For something that involves multiple orthogonal dimensions, we might want to result to the Callables function with various kinds of plugin strategy objects. This might provide something more palatable. We might want to look closely at creating higher-order functions. We can then create partial functions with various combinations of parameters for the higher-order functions.
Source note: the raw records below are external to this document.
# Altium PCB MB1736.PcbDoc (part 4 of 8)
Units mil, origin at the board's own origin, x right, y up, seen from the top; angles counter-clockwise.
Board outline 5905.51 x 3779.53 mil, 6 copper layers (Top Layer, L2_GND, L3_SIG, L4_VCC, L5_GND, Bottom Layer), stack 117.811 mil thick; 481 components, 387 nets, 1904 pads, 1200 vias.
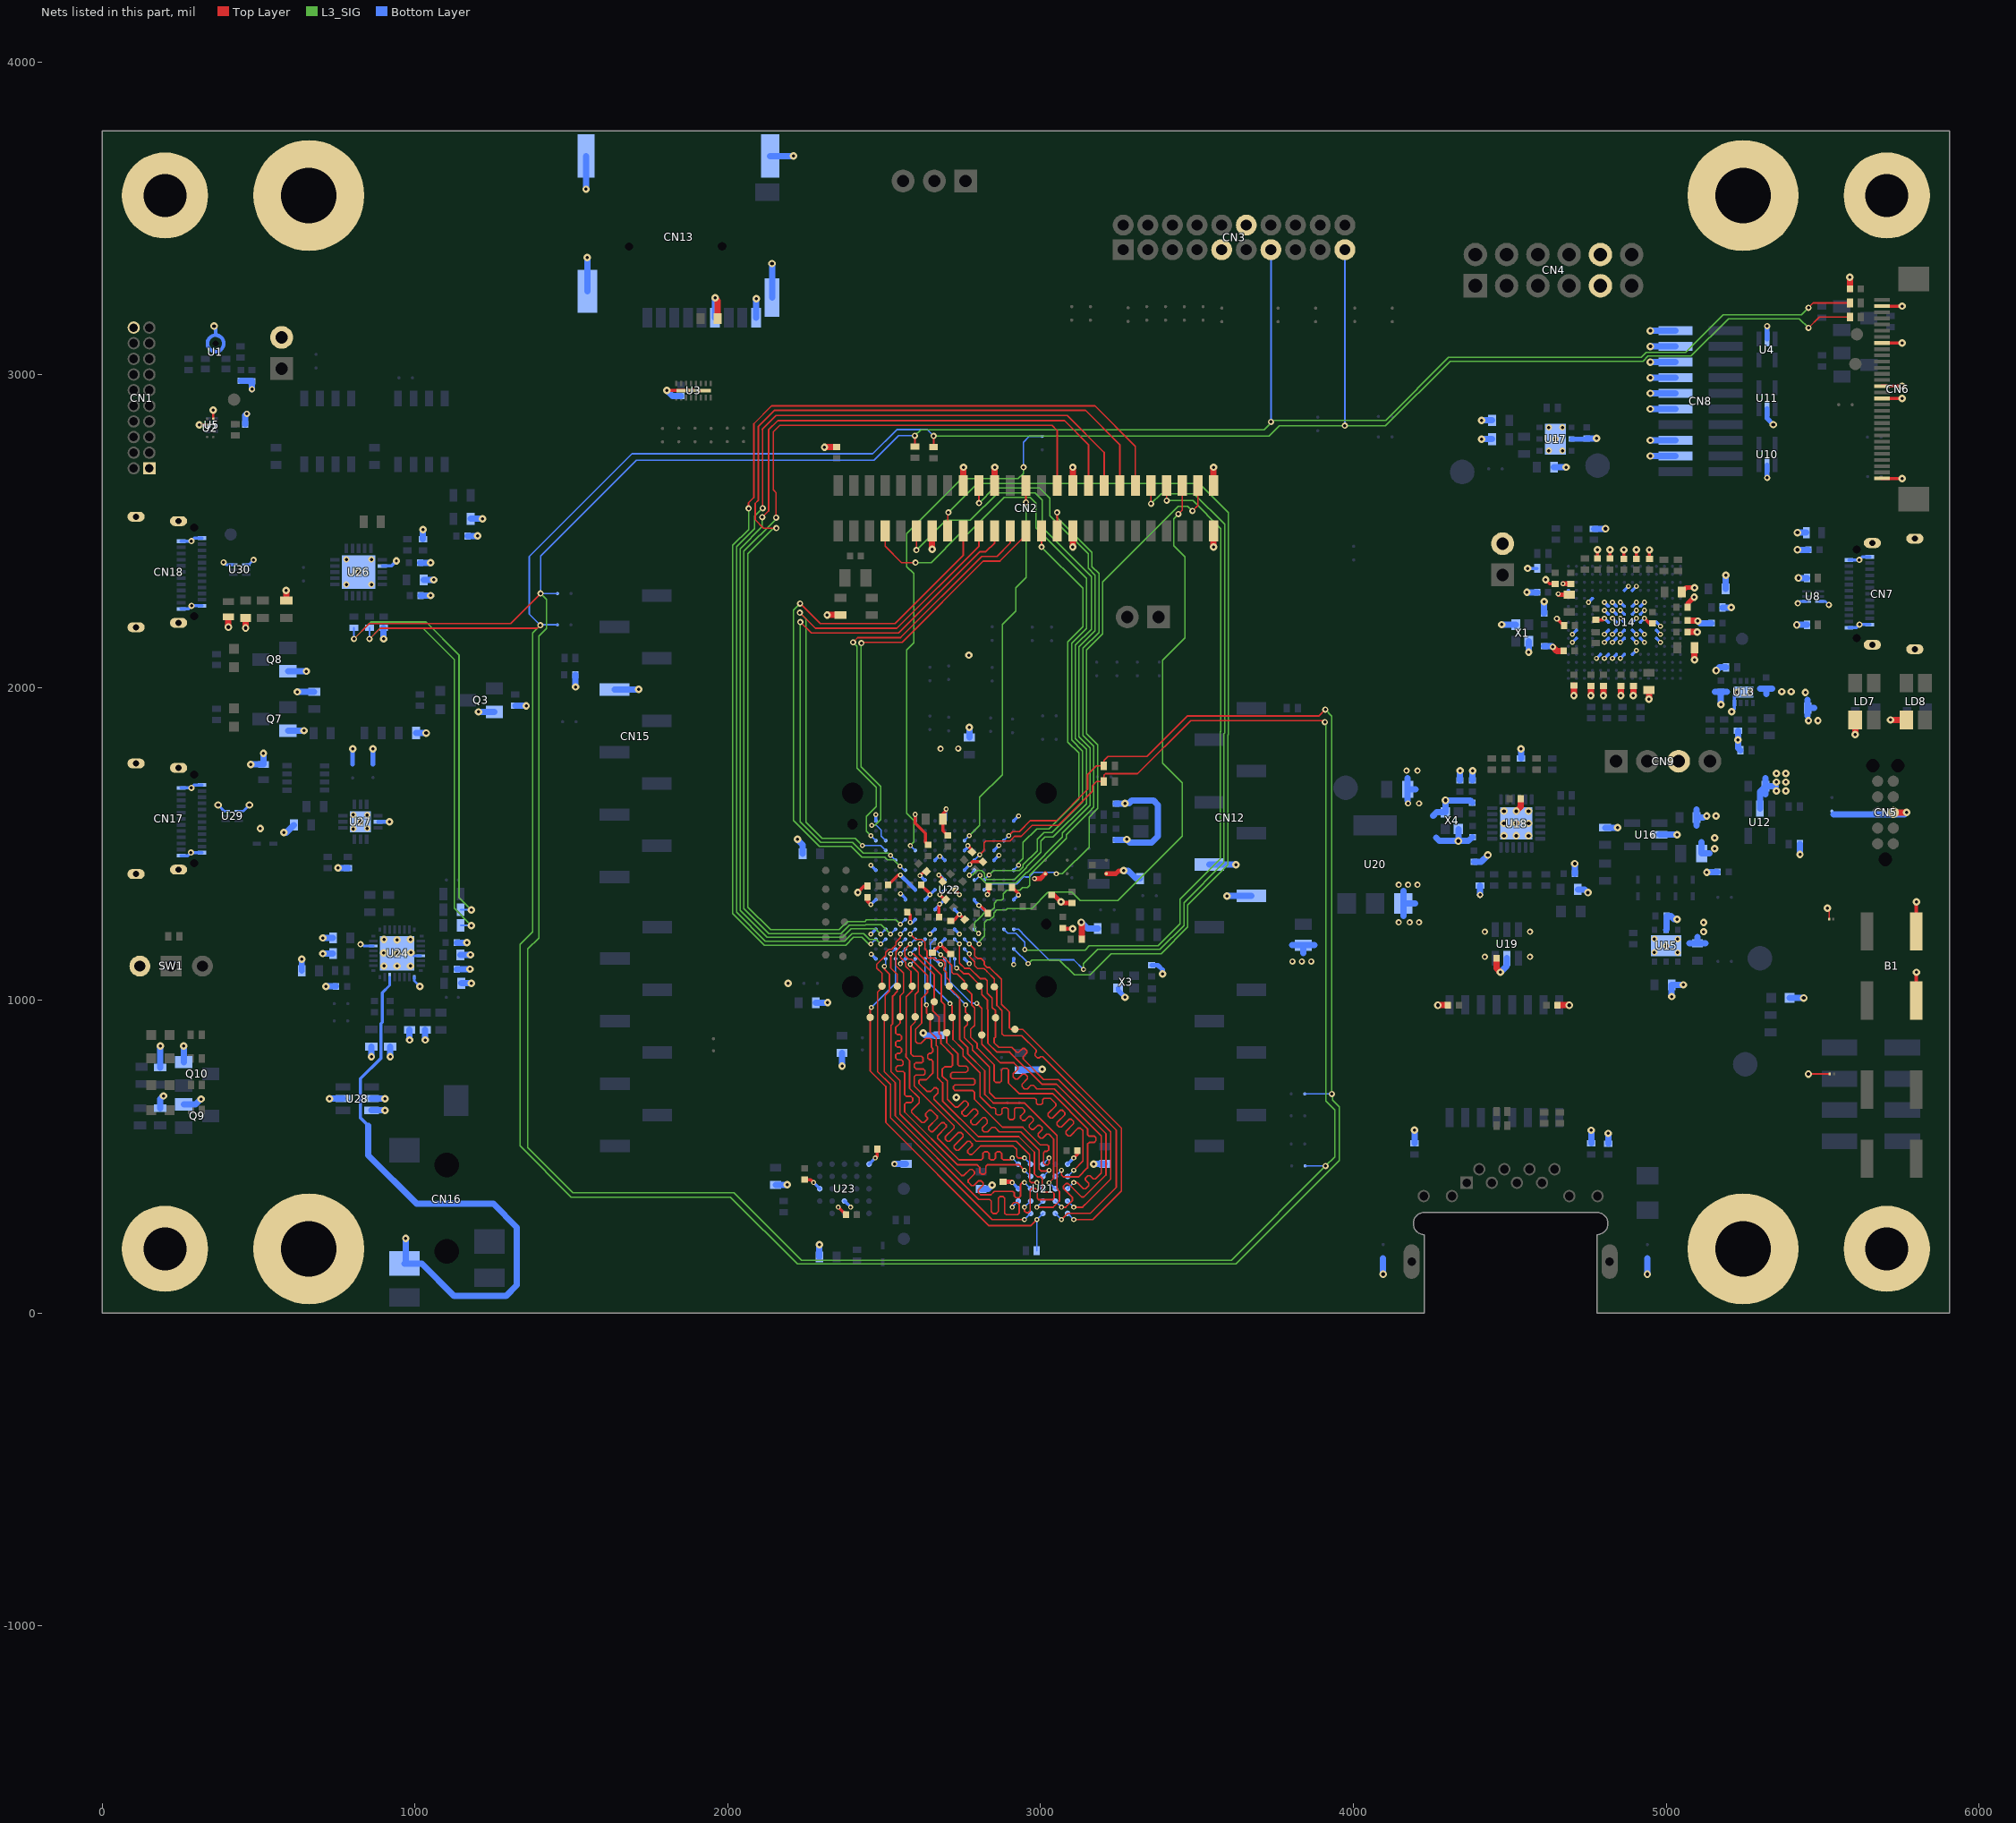
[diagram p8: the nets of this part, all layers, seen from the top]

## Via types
v1: diameter 20, hole 10, Top Layer to Bottom Layer, tented both sides, 518 vias
v2: diameter 16, hole 8, Top Layer to Bottom Layer, tented both sides, 311 vias
v3: diameter 24, hole 10, Top Layer to Bottom Layer, tented both sides, 301 vias
v4: diameter 24, hole 12, Top Layer to Bottom Layer, tented both sides, 61 vias
v5: diameter 23.62, hole 11.81, Top Layer to Bottom Layer, 9 vias

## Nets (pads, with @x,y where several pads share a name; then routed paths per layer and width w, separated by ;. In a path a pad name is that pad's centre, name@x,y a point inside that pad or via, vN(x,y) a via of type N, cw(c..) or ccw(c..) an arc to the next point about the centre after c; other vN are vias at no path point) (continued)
GND: B1.1 B1.2 C1.1 C2.1 C3.1 C13.1 C14.1 C15.2 C17.1 C19.1 C20.1 C21.1 C22.1 C23.1 C24.1 C25.1 C26.1 C27.1 C28.1 C29.1 C30.1 C31.1 C32.1 C33.1 C34.1 C35.1 C36.1 C37.1 C38.1 C39.1 C40.1 C41.1 C42.1 C45.1 C46.1 C47.1 C48.1 C49.1 C50.1 C51.2 C52.2 C53.2 C54.1 C55.2 C56.2 C57.2 C58.2 C59.2 C60.2 C61.2 C62.2 C63.2 C64.2 C65.2 C66.1 C67.2 C68.2 C69.1 C70.1 C71.2 C72.2 C73.2 C75.1 C76.1 C77.2 C78.2 C79.1 C80.1 C81.1 C82.2 C83.1 C84.1 C85.1 C86.1 C87.1 C88.1 C89.1 C90.1 C91.1 C92.1 C93.1 C94.1 C95.1 C96.2 C97.2 C98.1 C99.1 C100.1 C101.1 C102.2 C103.1 C104.1 C105.1 C106.1 C107.2 C108.1 C109.1 C110.1 C111.1 C113.1 C114.1 C115.1 C117.1 C118.1 C119.1 C120.1 C121.1 C122.1 C125.1 C126.2 C127.1 C128.1 C129.1 C130.2 C131.2 C133.2 C134.1 C135.1 C136.1 C139.1 C144.1 C145.2 C146.1 C147.1 C153.2 C156.1 C159.1 C160.1 CN1.1 CN1.20 CN2.1 CN2.2 CN2.19 CN2.20 CN2.30 CN2.34 CN2.37 CN3.5 CN3.16 CN4.5 CN4.11 CN5.3 CN6.1 CN6.14 CN6.16 CN6.23 CN6.29 CN7.A1 CN7.A12 CN7.B1 CN7.B12 CN7.SH1 CN7.SH2 CN7.SH3 CN7.SH4 CN8.3 CN8.5 CN8.9 CN8.11 CN8.13 CN8.15 CN8.17 CN8.19 CN9.3 CN12.6 CN12.7 CN13.6 CN13.9 CN13.11 CN13.12 CN13.13 CN13.14 CN15.7 CN16.3 CN17.A1 CN17.A12 CN17.B1 CN17.B12 CN17.SH1 CN17.SH2 CN17.SH3 CN17.SH4 CN18.A1 CN18.A12 CN18.B1 CN18.B12 CN18.SH1 CN18.SH2 CN18.SH3 CN18.SH4 CN19.2 H1.1 H2.1 H3.1 H4.1 H5.1 H6.1 H7.1 H8.1 JP3.2 LD7.3 LD8.3 LD10.2 Q3.2 Q7.2 Q8.2 Q9.2 Q10.2 R17.1 R66.1 R67.2 R71.2 R72.2 R76.2 R79.2 R84.1 R85.1 R86.2 R87.1 R93.2 R99.2 R101.1 R105.2 R107.1 R113.1 R130.1 R135.1 R145.1 R146.1 R147.2 R152.2 R156.2 R161.2 R162.2 R168.1 R169.1 R177.1 SB28.1 SB39.1 SB62.2 SB63.2 SB69.2 SB70.2 SB71.1 SW1.3 U1.3 U2.2 U2.8 U3.EP U4.2 U5.2 U6.2 U7.2 U8.3 U8.4 U9.2 U10.2 U11.2 U12.2 U13.8 U13.9 U14.D5 U14.D6 U14.D7 U14.D8 U14.D9 U14.F2 U14.F6 U14.F7 U14.F8 U14.F9 U14.F10 U14.F12 U14.G2 U14.G6 U14.G7 U14.G8 U14.G9 U14.G10 U14.G12 U14.H6 U14.H7 U14.H8 U14.H9 U14.H10 U14.H12 U14.J6 U14.J7 U14.J8 U14.J9 U14.J10 U14.K6 U14.K7 U14.K8 U14.K9 U14.K10 U14.L4 U14.M1 U14.M8 U14.M9 U14.N1 U15.2 U15.EP U16.2 U17.2 U17.EP U18.EP U19.2 U20.1 U21.C1 U21.E5 U22.A1 U22.A8 U22.A11 U22.A15 U22.D3 U22.D6 U22.E3 U22.E8 U22.E9 U22.F6 U22.F15 U22.G8 U22.G10 U22.G12 U22.H7 U22.H8 U22.H9 U22.H11 U22.J1 U22.J5 U22.J8 U22.J10 U22.J12 U22.J15 U22.K4 U22.K7 U22.K9 U22.L6 U22.L11 U22.M7 U22.M9 U22.M15 U22.N8 U22.R1 U22.R6 U22.R9 U22.R12 U22.R15 U23.B3 U23.C1 U23.E5 U24.5 U24.9 U24.14 U24.22 U24.33 U26.12 U26.21 U27.2 U27.13 U28.2 U28.3 U28.5 U29.3 U29.4 U30.3 U30.4 U31.2 U32.2 X1.2 X1.4 X3.2 X4.2 X4.4 | length 15911.2
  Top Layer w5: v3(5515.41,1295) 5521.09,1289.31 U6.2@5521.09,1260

The typical examples of logging or security testing can be considered as the kind of background processing that isn't specific to the problem domain. When we have processing that is as ubiquitous as the air that surrounds us, then a decorator might be more appropriate.

Summary

In this chapter, we've looked at two kinds of decorators: the simple decorator with no arguments and parameterized decorators. We've seen how decorators involve an indirect composition between functions: the decorator wraps a function (defined inside the decorator) around another function.

Using the functools.wraps() decorator assures that our decorators will properly copy attributes from the function being wrapped. This should be a piece of every decorator we write.

In the next chapter, we'll look at the multiprocessing and multithreading techniques that are available to us. These packages become particularly helpful in a functional programming context. When we eliminate a complex shared state and design around nonstrict processing, we can leverage parallelism to improve the performance.